# TASK STATEMENT:
Work through the entries below and show every line in which "VORMISTUS" is found.

───── SOURCE DATA ─────

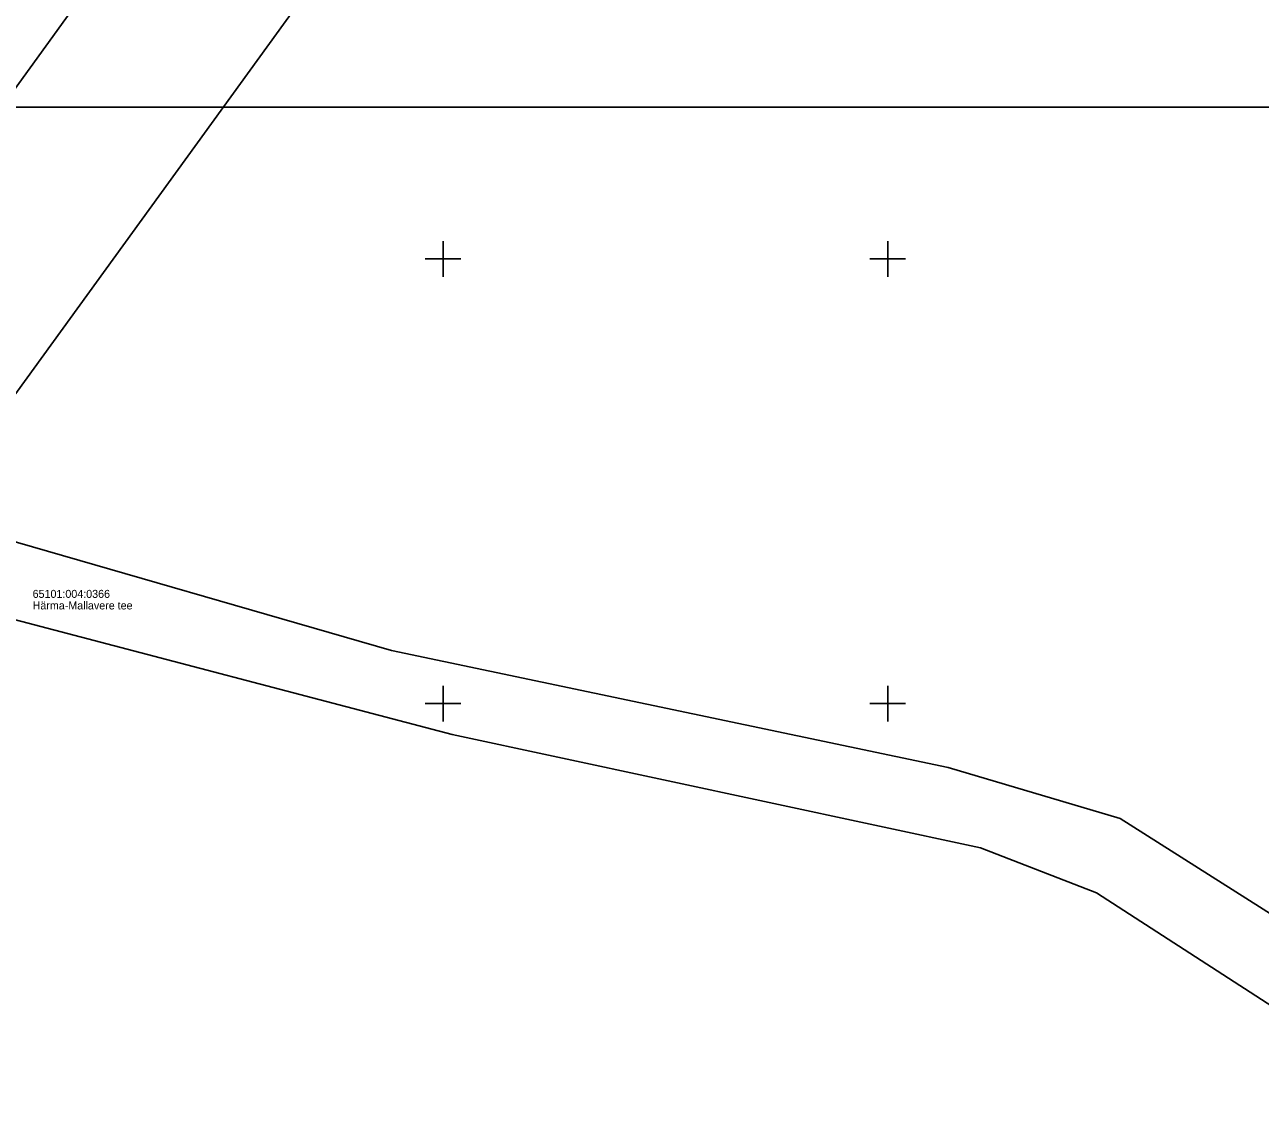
# Model space of a CAD drawing. Extents: x 563121 to 567545, y 6570841 to 6581299.
# Drawn here: x 565852.9 to 565991.9, y 6571804.5 to 6571926.3 of the extents above; entities that cross this region are included whole.
import ezdxf

# ---------------------------------------------------------------- set-up
doc = ezdxf.new("R2010")
doc.units = 0
for name, color, linetype in [('PIIR', 7, 'Continuous'), ('VORK', 7, 'Continuous'), ('VORMISTUS', 7, 'Continuous')]:
    doc.layers.add(name, color=color, linetype=linetype)

msp = doc.modelspace()

# ---------------------------------------------------------------- linework, layer by layer
at = {"layer": 'PIIR'}
for points in [[(566138.88, 6572289.1), (566071.95, 6572189.53), (566056.92, 6572168.48), (566043.44, 6572149.59), (566020.47, 6572117.41), (565845.87, 6571876.56), (565833.02, 6571860.66), (565803.59, 6571818.77), (565766.84, 6571778.8), (565712.27, 6571733.72), (565636.36, 6571689.97), (565561.65, 6571658.97), (565400, 6571600), (565315, 6571572), (565230, 6571552), (564980, 6571552), (564921.56, 6571543.26)], [(564959.63, 6571567.88), (565247.22, 6571575.87), (565310, 6571592), (565385.09, 6571617.94), (565603.34, 6571696.36), (565663.71, 6571724.88), (565720.01, 6571762.52), (565767.05, 6571806.3), (565831.51, 6571891.07), (565894.85, 6571978.6), (565929.68, 6572026.82), (566028.25, 6572163.26), (566043.71, 6572184.75), (566068.58, 6572219.3), (566114.67, 6572283.35)], [(566222.72, 6571643.14), (566175.38, 6571706.88), (566160.83, 6571717.7), (566147.53, 6571725.81), (566110.96, 6571742.32), (566089.86, 6571753.57), (566023.53, 6571796.39), (565973.49, 6571828.72), (565960.44, 6571833.78), (565901.01, 6571846.54), (565851.06, 6571859.65), (565833.02, 6571860.66), (565845.87, 6571876.56), (565848.48, 6571869.16), (565894.21, 6571855.99), (565956.81, 6571842.83), (565976.14, 6571837.09), (566103.84, 6571756.13), (566111.74, 6571748.71), (566152.2, 6571729.75), (566168.46, 6571720.07), (566178.83, 6571711.76), (566186.69, 6571703.16)]]:
    msp.add_lwpolyline(points, dxfattribs=at)
msp.add_lwpolyline([(565833.02, 6571860.66), (565851.06, 6571859.65), (565901.01, 6571846.54), (565960.44, 6571833.78), (565973.49, 6571828.72), (566023.53, 6571796.39), (566089.86, 6571753.57), (566110.96, 6571742.32), (566147.53, 6571725.81), (566160.83, 6571717.7), (565835.49, 6571610.61), (565803.59, 6571818.77)], close=True, dxfattribs=at)
at = {"layer": 'VORK'}
for p, q in [((565900, 6571902), (565900, 6571898)), ((565950, 6571902), (565950, 6571898)), ((565898, 6571900), (565902, 6571900)), ((565948, 6571900), (565952, 6571900)), ((565900, 6571852), (565900, 6571848)), ((565950, 6571852), (565950, 6571848)), ((565898, 6571850), (565902, 6571850)), ((565948, 6571850), (565952, 6571850))]:
    msp.add_line(p, q, dxfattribs=at)
at = {"layer": 'VORMISTUS'}
msp.add_lwpolyline([(565677.6, 6571625.07), (565677.6, 6571917.07), (566085.6, 6571917.07), (566085.6, 6571625.07)], close=True, dxfattribs=at)

# ---------------------------------------------------------------- texts
at = {"layer": 'PIIR'}
for s, p in [('65101:004:0366', (565853.84, 6571861.89)), ('Härma-Mallavere tee', (565853.84, 6571860.59))]:
    msp.add_text(s, height=0.9, dxfattribs=at).set_placement(p)

doc.saveas('drawing.dxf')

─────

# RESULT BELOW:
for name, color, linetype in [('PIIR', 7, 'Continuous'), ('VORK', 7, 'Continuous'), ('VORMISTUS', 7, 'Continuous')]:
at = {"layer": 'VORMISTUS'}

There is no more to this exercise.